*** Block opens ***

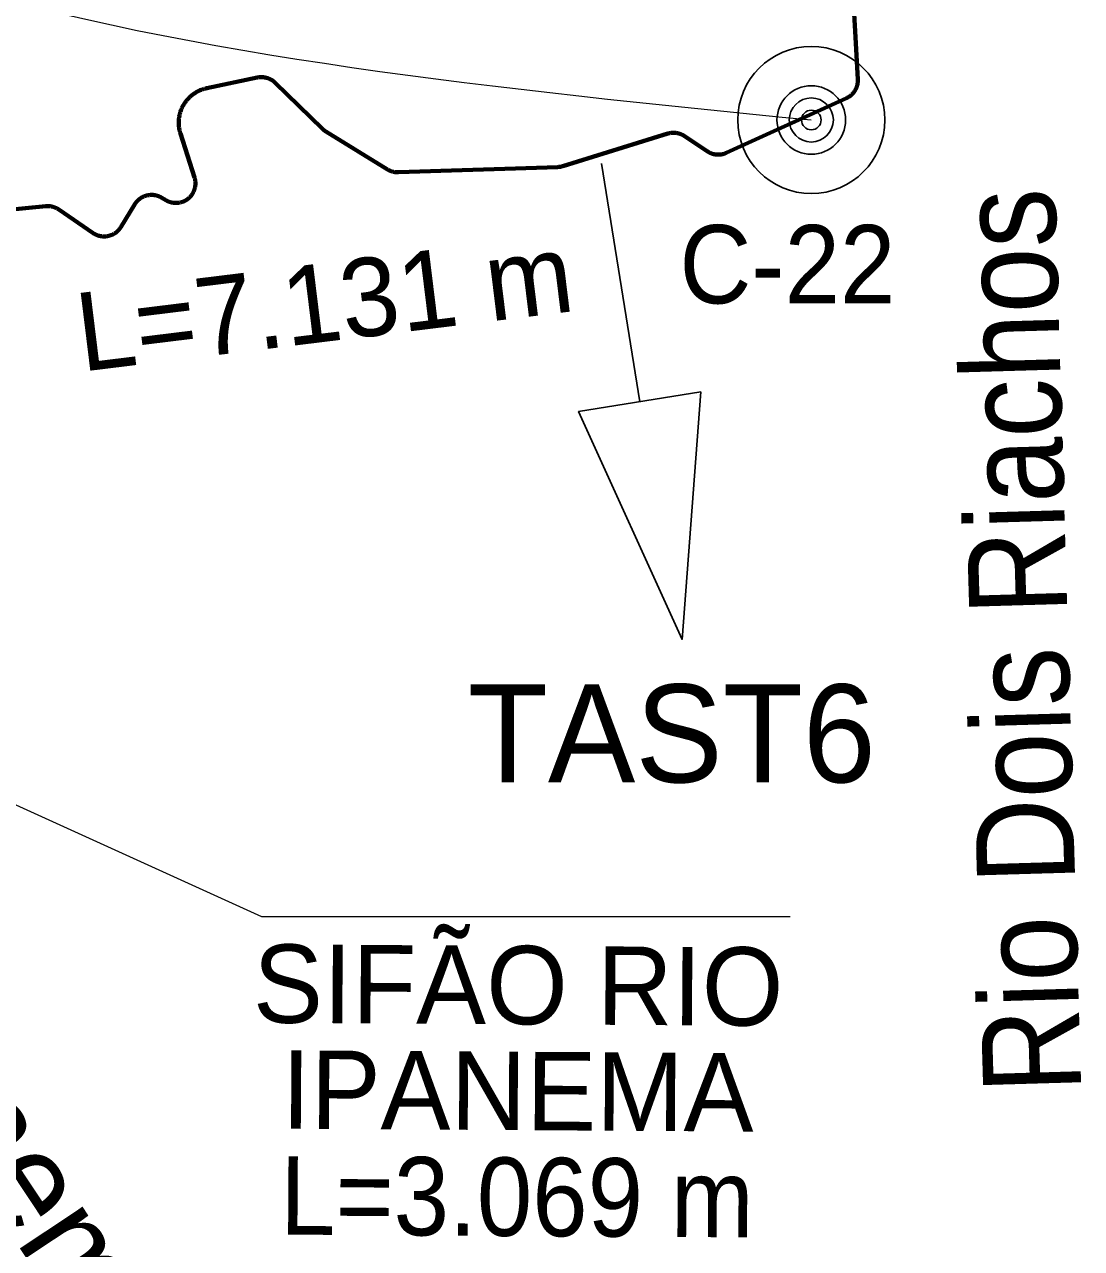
# Model space of a CAD drawing. Extents: x -1643653 to 4543381, y 1624270 to 13878484.
# Drawn here: x 702315 to 707705, y 8950266 to 8956510 of the extents above; entities that cross this region are included whole.
import ezdxf
from ezdxf.enums import TextEntityAlignment as Align

# ---------------------------------------------------------------- set-up
doc = ezdxf.new("R2010")
doc.units = 0
doc.header["$LTSCALE"] = 160
for name, color, linetype, lineweight in [('15', 7, 'Continuous', 25), ('50', 7, 'Continuous', 13), ('54', 7, 'Continuous', 25), ('60', 7, 'Continuous', 13), ('61', 7, 'Continuous', 70)]:
    doc.layers.add(name, color=color, linetype=linetype, lineweight=lineweight)
doc.layers.add('49', color=7, linetype='Continuous')

msp = doc.modelspace()

# ---------------------------------------------------------------- linework, layer by layer
at = {"layer": '15'}
for radius in [375, 175, 112.5, 50]:
    msp.add_circle((706327.2, 8956022.9), radius, dxfattribs=at)
at = {"layer": '50'}
msp.add_lwpolyline([(699852.5, 8953627.8), (703523.4, 8951959.5), (706219.7, 8951959.5)], dxfattribs=at)
msp.add_spline([(699229.6, 8960674.7), (699367.5, 8958853.5), (706327.2, 8956022.9)], degree=3, dxfattribs=at)
at = {"layer": '54'}
msp.add_line((705257.8, 8955801.2), (705452.1, 8954585.6), dxfattribs=at)
msp.add_lwpolyline([(705763.9, 8954635.4), (705668.5, 8953373.4), (705140.3, 8954535.8)], close=True, dxfattribs=at)
at = {"layer": '60', "lineweight": 25}
msp.add_spline([(814781, 9009175.5), (814787.2, 9009173.4), (814796.9, 9009173.4), (814799.4, 9009172.4), (814805.1, 9009174.5), (814805.6, 9009176.5), (814811.7, 9009179.5), (814811.7, 9009179.5), (814801.5, 9009181), (814790.7, 9009181.5), (814784.1, 9009183.1), (814777.4, 9009185.1), (814778.4, 9009175.5)], degree=3, dxfattribs=at)
at = {"layer": '61'}
for points in [[(706533.1, 8956779.6), (706564.4, 8956231), (706564.6, 8956228.2), (706564.6, 8956225.4), (706564.6, 8956222.6), (706564.4, 8956219.7), (706564.2, 8956216.9), (706564, 8956214.1), (706563.6, 8956211.3), (706563.2, 8956208.5), (706562.7, 8956205.7), (706562.1, 8956203), (706561.4, 8956200.2), (706560.6, 8956197.5), (706559.8, 8956194.8), (706558.9, 8956192.1), (706557.9, 8956189.4), (706556.9, 8956186.8), (706555.8, 8956184.2), (706554.6, 8956181.7), (706553.3, 8956179.1), (706551.9, 8956176.6), (706550.5, 8956174.2), (706549.1, 8956171.8), (706547.5, 8956169.4), (706545.9, 8956167.1), (706544.2, 8956164.8), (706542.5, 8956162.6), (706540.7, 8956160.4), (706538.8, 8956158.3), (706536.9, 8956156.2), (706534.9, 8956154.2), (706532.8, 8956152.2), (706530.7, 8956150.3), (706528.6, 8956148.5), (706526.4, 8956146.7), (706524.2, 8956145), (706521.8, 8956143.3), (706519.5, 8956141.8), (706517.1, 8956140.2), (706514.7, 8956138.8), (706512.2, 8956137.4), (706509.7, 8956136.1), (706507.2, 8956134.9), (706506.1, 8956134.3), (705893.7, 8955855.1), (705891.2, 8955853.9), (705888.5, 8955852.9), (705885.9, 8955851.9), (705883.2, 8955851), (705880.5, 8955850.1), (705877.8, 8955849.3), (705875, 8955848.7), (705872.3, 8955848.1), (705869.5, 8955847.5), (705866.7, 8955847.1), (705863.9, 8955846.7), (705861.1, 8955846.4), (705858.3, 8955846.2), (705855.4, 8955846.1), (705852.6, 8955846), (705849.8, 8955846.1), (705847, 8955846.2), (705844.1, 8955846.4), (705841.3, 8955846.6), (705838.5, 8955847), (705835.7, 8955847.4), (705832.9, 8955847.9), (705830.2, 8955848.5), (705827.4, 8955849.2), (705824.7, 8955849.9), (705822, 8955850.7), (705819.3, 8955851.6), (705816.6, 8955852.6), (705814, 8955853.6), (705811.4, 8955854.8), (705808.8, 8955856), (705806.3, 8955857.2), (705803.8, 8955858.6), (705801.4, 8955860), (705799, 8955861.4), (705796.6, 8955863), (705796.6, 8955863), (705680.6, 8955940.7), (705678.3, 8955942.3), (705675.8, 8955943.7)], [(703523.4, 8956241.4), (703520.6, 8956241.3), (703517.8, 8956241.3), (703515, 8956241.1), (703512.2, 8956240.8), (703509.3, 8956240.5), (703506.5, 8956240.1), (703503.8, 8956239.6), (703502, 8956239.2), (703243.8, 8956184.8), (703240.1, 8956183.9), (703236.5, 8956183), (703232.8, 8956182.1), (703229.2, 8956181), (703225.5, 8956179.9), (703221.9, 8956178.7), (703218.4, 8956177.4), (703214.8, 8956176), (703211.3, 8956174.6), (703207.8, 8956173.1), (703204.4, 8956171.5), (703201, 8956169.8), (703197.6, 8956168.1), (703194.2, 8956166.3), (703190.9, 8956164.5), (703187.7, 8956162.5), (703184.4, 8956160.5), (703181.2, 8956158.5), (703178.1, 8956156.3), (703175, 8956154.1), (703172, 8956151.8), (703169, 8956149.5), (703166, 8956147.1), (703163.2, 8956144.7), (703160.3, 8956142.2), (703157.5, 8956139.6), (703154.8, 8956137), (703152.1, 8956134.3), (703149.5, 8956131.5), (703146.9, 8956128.7), (703144.4, 8956125.9), (703142, 8956123), (703139.6, 8956120), (703137.3, 8956117), (703135, 8956113.9), (703132.8, 8956110.8), (703130.7, 8956107.7), (703128.7, 8956104.5), (703126.7, 8956101.3), (703124.8, 8956098), (703122.9, 8956094.7), (703121.1, 8956091.3), (703119.4, 8956087.9), (703117.8, 8956084.5), (703116.2, 8956081.1), (703114.7, 8956077.6), (703113.3, 8956074.1), (703112, 8956070.5), (703110.7, 8956066.9), (703109.5, 8956063.3), (703108.4, 8956059.7), (703107.4, 8956056.1), (703106.4, 8956052.4), (703105.5, 8956048.7), (703104.7, 8956045), (703104, 8956041.2), (703103.3, 8956037.5), (703102.8, 8956033.8), (703102.3, 8956030), (703101.9, 8956026.2), (703101.5, 8956022.5), (703101.3, 8956018.7), (703101.1, 8956014.9), (703101, 8956011.1), (703101, 8956007.3), (703101.1, 8956003.5), (703101.2, 8955999.7), (703101.5, 8955995.9), (703101.8, 8955992.1), (703102.2, 8955988.3), (703102.6, 8955984.6), (703103.2, 8955980.8), (703103.8, 8955977.1), (703104.5, 8955973.4), (703105.3, 8955969.7), (703106.1, 8955966), (703107.1, 8955962.3), (703108.1, 8955958.6), (703109.2, 8955955), (703109.7, 8955953.4), (703181.6, 8955730.2), (703182.4, 8955727.5), (703183.2, 8955724.8), (703183.8, 8955722.1), (703184.4, 8955719.3), (703184.9, 8955716.5), (703185.4, 8955713.7), (703185.7, 8955710.9), (703186, 8955708.1), (703186.2, 8955705.3), (703186.3, 8955702.5)], [(705675.8, 8955943.7), (705673.4, 8955945.2), (705670.9, 8955946.5), (705668.4, 8955947.8), (705665.8, 8955948.9), (705663.2, 8955950.1), (705660.6, 8955951.1), (705657.9, 8955952.1), (705655.2, 8955953), (705652.5, 8955953.8), (705649.8, 8955954.5), (705647.1, 8955955.2), (705644.3, 8955955.8), (705641.5, 8955956.3), (705638.7, 8955956.7), (705635.9, 8955957.1), (705633.1, 8955957.3), (705630.3, 8955957.5), (705627.4, 8955957.7), (705624.6, 8955957.7), (705621.8, 8955957.6), (705619, 8955957.5), (705616.1, 8955957.3), (705613.3, 8955957), (705610.5, 8955956.6), (705607.7, 8955956.2), (705604.9, 8955955.7), (705602.2, 8955955.1), (705599.4, 8955954.4), (705596.7, 8955953.6), (705595.3, 8955953.2), (705060.1, 8955787.3), (705057.3, 8955786.5), (705054.6, 8955785.8), (705051.9, 8955785.2), (705049.1, 8955784.6), (705046.3, 8955784.1), (705043.5, 8955783.7), (705040.7, 8955783.4), (705037.9, 8955783.1), (705035.1, 8955783), (705033.8, 8955782.9), (704221.3, 8955755.9), (704218.5, 8955755.9), (704215.6, 8955755.9), (704212.8, 8955756), (704210, 8955756.2), (704207.2, 8955756.5), (704204.4, 8955756.8), (704201.6, 8955757.2), (704198.8, 8955757.7), (704196, 8955758.3), (704193.3, 8955759), (704190.5, 8955759.7), (704187.8, 8955760.5), (704185.2, 8955761.4), (704182.5, 8955762.4), (704179.9, 8955763.4), (704177.3, 8955764.6), (704174.7, 8955765.7), (704172.2, 8955767), (704169.7, 8955768.3), (704167.2, 8955769.7), (704165.5, 8955770.8), (703851.6, 8955964.3), (703849.2, 8955965.8), (703846.9, 8955967.4), (703844.6, 8955969.1), (703842.3, 8955970.8), (703840.1, 8955972.6), (703838, 8955974.4), (703835.9, 8955976.3), (703834.4, 8955977.8), (703592.4, 8956213.1), (703590.3, 8956215), (703588.2, 8956216.9), (703586.1, 8956218.7), (703583.8, 8956220.5), (703581.6, 8956222.2), (703579.3, 8956223.8), (703576.9, 8956225.4), (703574.5, 8956226.9), (703572.1, 8956228.3), (703569.6, 8956229.7), (703567.1, 8956231), (703564.5, 8956232.2), (703562, 8956233.3), (703559.3, 8956234.4), (703556.7, 8956235.4), (703554, 8956236.3), (703551.3, 8956237.2), (703548.6, 8956238), (703545.9, 8956238.7), (703543.1, 8956239.3), (703540.3, 8956239.8), (703537.5, 8956240.3), (703534.7, 8956240.7), (703531.9, 8956241), (703529.1, 8956241.2), (703526.3, 8956241.3), (703523.4, 8956241.4)], [(703186.3, 8955702.5), (703186.4, 8955699.6), (703186.3, 8955696.8), (703186.2, 8955694), (703186, 8955691.2), (703185.8, 8955688.3), (703185.4, 8955685.5), (703185, 8955682.7), (703184.4, 8955680), (703183.8, 8955677.2), (703183.2, 8955674.5), (703182.4, 8955671.7), (703181.6, 8955669), (703180.7, 8955666.3), (703179.7, 8955663.7), (703178.7, 8955661.1), (703177.5, 8955658.5), (703176.3, 8955655.9), (703175.1, 8955653.4), (703173.7, 8955650.9), (703172.3, 8955648.4), (703170.8, 8955646), (703169.3, 8955643.7), (703167.7, 8955641.3), (703166, 8955639.1), (703164.2, 8955636.8), (703162.4, 8955634.7), (703160.6, 8955632.5), (703158.7, 8955630.5), (703156.7, 8955628.4), (703154.6, 8955626.5), (703152.5, 8955624.6), (703150.4, 8955622.7), (703148.2, 8955621), (703145.9, 8955619.2), (703143.6, 8955617.6), (703141.3, 8955616), (703138.9, 8955614.5), (703136.5, 8955613), (703134, 8955611.7), (703131.5, 8955610.3), (703129, 8955609.1), (703126.4, 8955607.9), (703123.8, 8955606.8), (703121.2, 8955605.8), (703118.5, 8955604.9), (703115.8, 8955604), (703113.1, 8955603.2), (703110.3, 8955602.5), (703107.6, 8955601.8), (703104.8, 8955601.3), (703102, 8955600.8), (703099.2, 8955600.4), (703096.4, 8955600.1), (703093.6, 8955599.8), (703090.8, 8955599.7), (703088, 8955599.6), (703085.1, 8955599.6), (703082.3, 8955599.7), (703079.5, 8955599.8), (703076.7, 8955600.1), (703073.8, 8955600.4), (703071, 8955600.8), (703068.2, 8955601.2), (703065.5, 8955601.8), (703062.7, 8955602.4), (703060, 8955603.1), (703057.3, 8955603.9), (703054.6, 8955604.8), (703051.9, 8955605.7), (703049.3, 8955606.7), (703046.7, 8955607.8), (703044.1, 8955609), (703041.5, 8955610.2), (703039, 8955611.5), (703036.6, 8955612.9), (703034.6, 8955614.1), (703014.4, 8955626.3), (703012, 8955627.7), (703009.5, 8955629.1), (703007, 8955630.4), (703004.4, 8955631.6), (703001.8, 8955632.7), (702999.2, 8955633.8), (702996.6, 8955634.8), (702993.9, 8955635.7), (702991.2, 8955636.6), (702988.5, 8955637.3), (702985.7, 8955638), (702983, 8955638.7), (702980.2, 8955639.2), (702977.4, 8955639.7), (702974.6, 8955640), (702971.8, 8955640.3), (702969, 8955640.6), (702966.1, 8955640.7), (702963.3, 8955640.8), (702960.5, 8955640.7), (702957.7, 8955640.6), (702954.8, 8955640.5), (702952, 8955640.2)], [(702952, 8955640.2), (702949.2, 8955639.9), (702946.4, 8955639.4), (702943.6, 8955638.9), (702940.9, 8955638.4), (702938.1, 8955637.7), (702935.4, 8955637), (702932.7, 8955636.2), (702930, 8955635.3), (702927.3, 8955634.3), (702924.7, 8955633.3), (702922.1, 8955632.2), (702919.5, 8955631), (702917, 8955629.8), (702914.5, 8955628.4), (702912, 8955627), (702909.6, 8955625.6), (702907.2, 8955624), (702904.9, 8955622.4), (702902.6, 8955620.8), (702900.4, 8955619), (702898.2, 8955617.2), (702896, 8955615.4), (702894, 8955613.5), (702891.9, 8955611.5), (702890, 8955609.5), (702888, 8955607.4), (702886.2, 8955605.3), (702884.4, 8955603.1), (702882.7, 8955600.8), (702881, 8955598.6), (702879.4, 8955596.2), (702877.8, 8955593.9), (702877.3, 8955593.1), (702805.8, 8955476.5), (702804.3, 8955474.1), (702802.7, 8955471.7), (702801, 8955469.4), (702799.3, 8955467.2), (702797.6, 8955465), (702795.7, 8955462.8), (702793.8, 8955460.7), (702791.9, 8955458.7), (702789.8, 8955456.7), (702787.8, 8955454.8), (702785.7, 8955452.9), (702783.5, 8955451.1), (702781.3, 8955449.3), (702779, 8955447.7), (702776.7, 8955446), (702774.3, 8955444.5), (702771.9, 8955443), (702769.5, 8955441.6), (702767, 8955440.2), (702764.5, 8955438.9), (702761.9, 8955437.7), (702759.3, 8955436.6), (702756.7, 8955435.6), (702754, 8955434.6), (702751.3, 8955433.7), (702748.7, 8955432.8), (702745.9, 8955432.1), (702743.2, 8955431.4), (702740.4, 8955430.8), (702737.6, 8955430.3), (702734.8, 8955429.8), (702732, 8955429.5), (702729.2, 8955429.2), (702726.4, 8955429), (702723.6, 8955428.8), (702720.8, 8955428.8), (702717.9, 8955428.8), (702715.1, 8955428.9), (702712.3, 8955429.1), (702709.5, 8955429.4), (702706.7, 8955429.8), (702703.9, 8955430.2), (702701.1, 8955430.7), (702698.3, 8955431.3), (702695.6, 8955432), (702692.8, 8955432.7), (702690.1, 8955433.5), (702687.4, 8955434.4), (702684.8, 8955435.4), (702682.2, 8955436.5), (702679.6, 8955437.6), (702677, 8955438.8), (702674.5, 8955440), (702672, 8955441.4), (702669.5, 8955442.8), (702667.1, 8955444.3), (702664.8, 8955445.8), (702664, 8955446.3), (702489.2, 8955566.1), (702486.8, 8955567.7), (702484.4, 8955569.2), (702482, 8955570.6), (702479.5, 8955572), (702477, 8955573.2), (702474.5, 8955574.5), (702471.9, 8955575.6)], [(702471.9, 8955575.6), (702469.2, 8955576.7), (702466.6, 8955577.7), (702463.9, 8955578.6), (702461.2, 8955579.4), (702458.5, 8955580.2), (702455.8, 8955580.9), (702453, 8955581.5), (702450.2, 8955582.1), (702447.4, 8955582.5), (702444.6, 8955582.9), (702441.8, 8955583.2), (702439, 8955583.4), (702436.2, 8955583.5), (702433.3, 8955583.6), (702430.5, 8955583.6), (702427.7, 8955583.5), (702424.9, 8955583.3), (702423, 8955583.1), (702111.4, 8955553)]]:
    msp.add_lwpolyline(points, dxfattribs=at)

# ---------------------------------------------------------------- texts
at = {"layer": '15', "width": 0.95}
msp.add_text('C-22', height=400, dxfattribs=at).set_placement((705654.7, 8955087.2))
at = {"layer": '49', "width": 0.9}
msp.add_text('Rio Dois Riachos', height=500, rotation=91.671, dxfattribs=at).set_placement((707637.1, 8953371.6), align=Align.CENTER)
at = {"layer": '49'}
msp.add_text('Rio Ipanema', height=500, rotation=303.53, dxfattribs=at).set_placement((701731.3, 8951111.3), align=Align.CENTER)
at = {"layer": '50'}
msp.add_text('L=7.131 m', height=400, rotation=7.017, dxfattribs=at).set_placement((702606.6, 8954738.7))
for s, p in [('SIFÃO RIO', (704831.4, 8951410)), ('IPANEMA', (704828.2, 8950870))]:
    msp.add_text(s, height=400, rotation=359.655, dxfattribs=at).set_placement(p, align=Align.CENTER)
at = {"layer": '50', "width": 0.95}
msp.add_text('L=3.069 m', height=400, rotation=359.655, dxfattribs=at).set_placement((704824.9, 8950330), align=Align.CENTER)
at = {"layer": '54'}
msp.add_text('TAST6', height=500, dxfattribs=at).set_placement((705615.7, 8952644.1), align=Align.CENTER)

doc.saveas('drawing.dxf')

*** Block closes ***

> **Exercise directions**: Return all lines from the entries that contain the string "drawing".

> **Exercise answer**:
# Model space of a CAD drawing. Extents: x -1643653 to 4543381, y 1624270 to 13878484.
doc.saveas('drawing.dxf')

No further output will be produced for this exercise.